|Nutritional Guidelines (per serving)|
|Servings: 6 sandwiches (6 servings)|
|Amount per serving|
|% Daily Value*|
|Total Fat 25g||33%|
|Saturated Fat 7g||35%|
|Total Carbohydrate 17g||6%|
|Dietary Fiber 1g||2%|
|*The % Daily Value (DV) tells you how much a nutrient in a food serving contributes to a daily diet. 2,000 calories a day is used for general nutrition advice.|
This easy, casual dish takes minutes to put together in the morning and simmers all day while you're at work. For more detailed instructions, take a look at Making Pulled Chicken in the Slow Cooker
- 2 1/2 pounds chicken pieces (any combination of boneless, skinless thigh and breast meat
- 1 medium onion, diced (about 1/2 cup)
- About 8 ounces barbecue sauce
Place chicken in slow cooker, thigh pieces first, then breast pieces. Chicken should cover the entire bottom of the cooker; additional pieces can be layered on top. Sprinkle onion over chicken. Pour barbecue sauce over chicken and onions, use spatula to spread evenly so that it completely covers all of the chicken. Set slow cooker for "low," cook 5 hours.

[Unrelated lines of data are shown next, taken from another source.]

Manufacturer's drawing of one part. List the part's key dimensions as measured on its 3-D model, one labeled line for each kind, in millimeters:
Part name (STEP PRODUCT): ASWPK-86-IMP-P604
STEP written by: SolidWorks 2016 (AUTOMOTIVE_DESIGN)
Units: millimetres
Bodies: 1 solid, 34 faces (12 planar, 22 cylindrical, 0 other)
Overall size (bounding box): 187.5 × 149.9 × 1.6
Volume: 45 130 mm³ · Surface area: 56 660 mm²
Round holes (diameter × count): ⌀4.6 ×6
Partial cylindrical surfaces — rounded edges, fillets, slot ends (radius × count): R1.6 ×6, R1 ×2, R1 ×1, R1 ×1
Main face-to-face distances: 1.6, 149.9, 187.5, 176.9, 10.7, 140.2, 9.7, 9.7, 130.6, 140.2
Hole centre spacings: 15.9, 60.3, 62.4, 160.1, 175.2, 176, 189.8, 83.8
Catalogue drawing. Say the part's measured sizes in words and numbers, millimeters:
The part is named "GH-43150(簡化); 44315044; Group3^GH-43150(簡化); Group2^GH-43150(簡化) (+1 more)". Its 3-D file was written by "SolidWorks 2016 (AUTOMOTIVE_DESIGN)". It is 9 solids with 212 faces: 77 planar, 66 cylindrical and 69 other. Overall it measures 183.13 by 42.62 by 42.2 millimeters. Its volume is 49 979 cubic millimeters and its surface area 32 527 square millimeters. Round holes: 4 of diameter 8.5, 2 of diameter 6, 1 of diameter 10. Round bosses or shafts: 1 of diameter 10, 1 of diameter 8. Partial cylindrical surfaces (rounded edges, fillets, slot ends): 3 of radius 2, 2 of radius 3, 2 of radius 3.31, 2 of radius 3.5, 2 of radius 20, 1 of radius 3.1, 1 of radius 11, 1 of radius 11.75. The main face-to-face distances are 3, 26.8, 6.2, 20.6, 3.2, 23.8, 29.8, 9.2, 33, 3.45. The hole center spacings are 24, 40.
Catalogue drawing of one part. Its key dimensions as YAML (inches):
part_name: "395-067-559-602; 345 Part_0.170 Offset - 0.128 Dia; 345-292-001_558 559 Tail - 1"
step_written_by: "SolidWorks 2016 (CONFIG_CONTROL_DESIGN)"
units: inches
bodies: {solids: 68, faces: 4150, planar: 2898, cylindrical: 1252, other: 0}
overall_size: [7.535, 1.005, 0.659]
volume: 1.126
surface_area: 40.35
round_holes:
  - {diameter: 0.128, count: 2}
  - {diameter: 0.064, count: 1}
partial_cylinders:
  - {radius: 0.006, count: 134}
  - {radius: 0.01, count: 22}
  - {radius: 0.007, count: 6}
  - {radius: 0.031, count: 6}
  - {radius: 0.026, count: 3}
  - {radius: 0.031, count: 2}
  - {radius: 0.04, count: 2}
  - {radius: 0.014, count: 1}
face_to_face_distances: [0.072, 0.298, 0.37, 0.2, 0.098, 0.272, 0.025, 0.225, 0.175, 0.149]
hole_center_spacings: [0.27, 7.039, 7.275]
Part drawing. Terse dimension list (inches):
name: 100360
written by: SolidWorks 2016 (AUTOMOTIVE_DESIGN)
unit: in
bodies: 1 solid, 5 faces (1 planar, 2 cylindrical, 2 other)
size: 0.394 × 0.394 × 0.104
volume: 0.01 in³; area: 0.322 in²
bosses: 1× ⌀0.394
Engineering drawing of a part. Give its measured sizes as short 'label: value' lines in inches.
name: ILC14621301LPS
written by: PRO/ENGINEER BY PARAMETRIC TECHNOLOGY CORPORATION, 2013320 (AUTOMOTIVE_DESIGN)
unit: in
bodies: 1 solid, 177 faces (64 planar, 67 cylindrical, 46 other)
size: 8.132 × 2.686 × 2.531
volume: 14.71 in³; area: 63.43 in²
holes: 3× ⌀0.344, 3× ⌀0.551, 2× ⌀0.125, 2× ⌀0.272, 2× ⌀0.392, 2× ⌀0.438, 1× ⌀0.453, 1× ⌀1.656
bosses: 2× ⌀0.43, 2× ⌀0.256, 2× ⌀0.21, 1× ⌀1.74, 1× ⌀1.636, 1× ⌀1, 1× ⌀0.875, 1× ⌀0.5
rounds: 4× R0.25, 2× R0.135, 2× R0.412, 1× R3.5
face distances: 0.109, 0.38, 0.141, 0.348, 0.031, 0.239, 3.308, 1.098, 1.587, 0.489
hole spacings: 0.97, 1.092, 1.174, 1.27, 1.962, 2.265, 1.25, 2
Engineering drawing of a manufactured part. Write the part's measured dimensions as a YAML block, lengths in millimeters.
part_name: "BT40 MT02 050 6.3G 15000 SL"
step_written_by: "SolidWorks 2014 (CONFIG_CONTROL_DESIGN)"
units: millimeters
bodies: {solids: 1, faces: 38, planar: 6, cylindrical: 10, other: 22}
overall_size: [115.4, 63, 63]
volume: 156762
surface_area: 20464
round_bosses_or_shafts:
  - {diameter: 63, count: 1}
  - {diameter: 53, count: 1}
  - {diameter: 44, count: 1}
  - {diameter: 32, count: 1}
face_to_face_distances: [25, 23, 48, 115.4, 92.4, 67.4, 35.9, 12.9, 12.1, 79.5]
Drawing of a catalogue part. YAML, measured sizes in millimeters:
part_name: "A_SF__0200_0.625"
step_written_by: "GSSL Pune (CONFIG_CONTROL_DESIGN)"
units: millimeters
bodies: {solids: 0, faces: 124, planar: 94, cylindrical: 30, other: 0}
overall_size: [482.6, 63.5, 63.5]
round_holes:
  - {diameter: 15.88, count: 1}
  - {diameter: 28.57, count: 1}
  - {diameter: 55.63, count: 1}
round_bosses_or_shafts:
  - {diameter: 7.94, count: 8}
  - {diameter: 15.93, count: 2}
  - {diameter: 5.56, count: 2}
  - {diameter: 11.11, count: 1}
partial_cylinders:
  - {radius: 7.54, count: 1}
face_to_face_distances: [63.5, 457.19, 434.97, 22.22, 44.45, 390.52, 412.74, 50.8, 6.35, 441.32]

Test chicken with a thermometer to make sure internal temperature measures at least 165˚F. Remove chicken from cooker and let cool 5 minutes. With two forks, a knife, or your hands (once it cools more) shred the chicken into small pieces. Return it to the slow cooker and stir to combine with the sauce. Serve on its own or on sandwich rolls as a sandwich.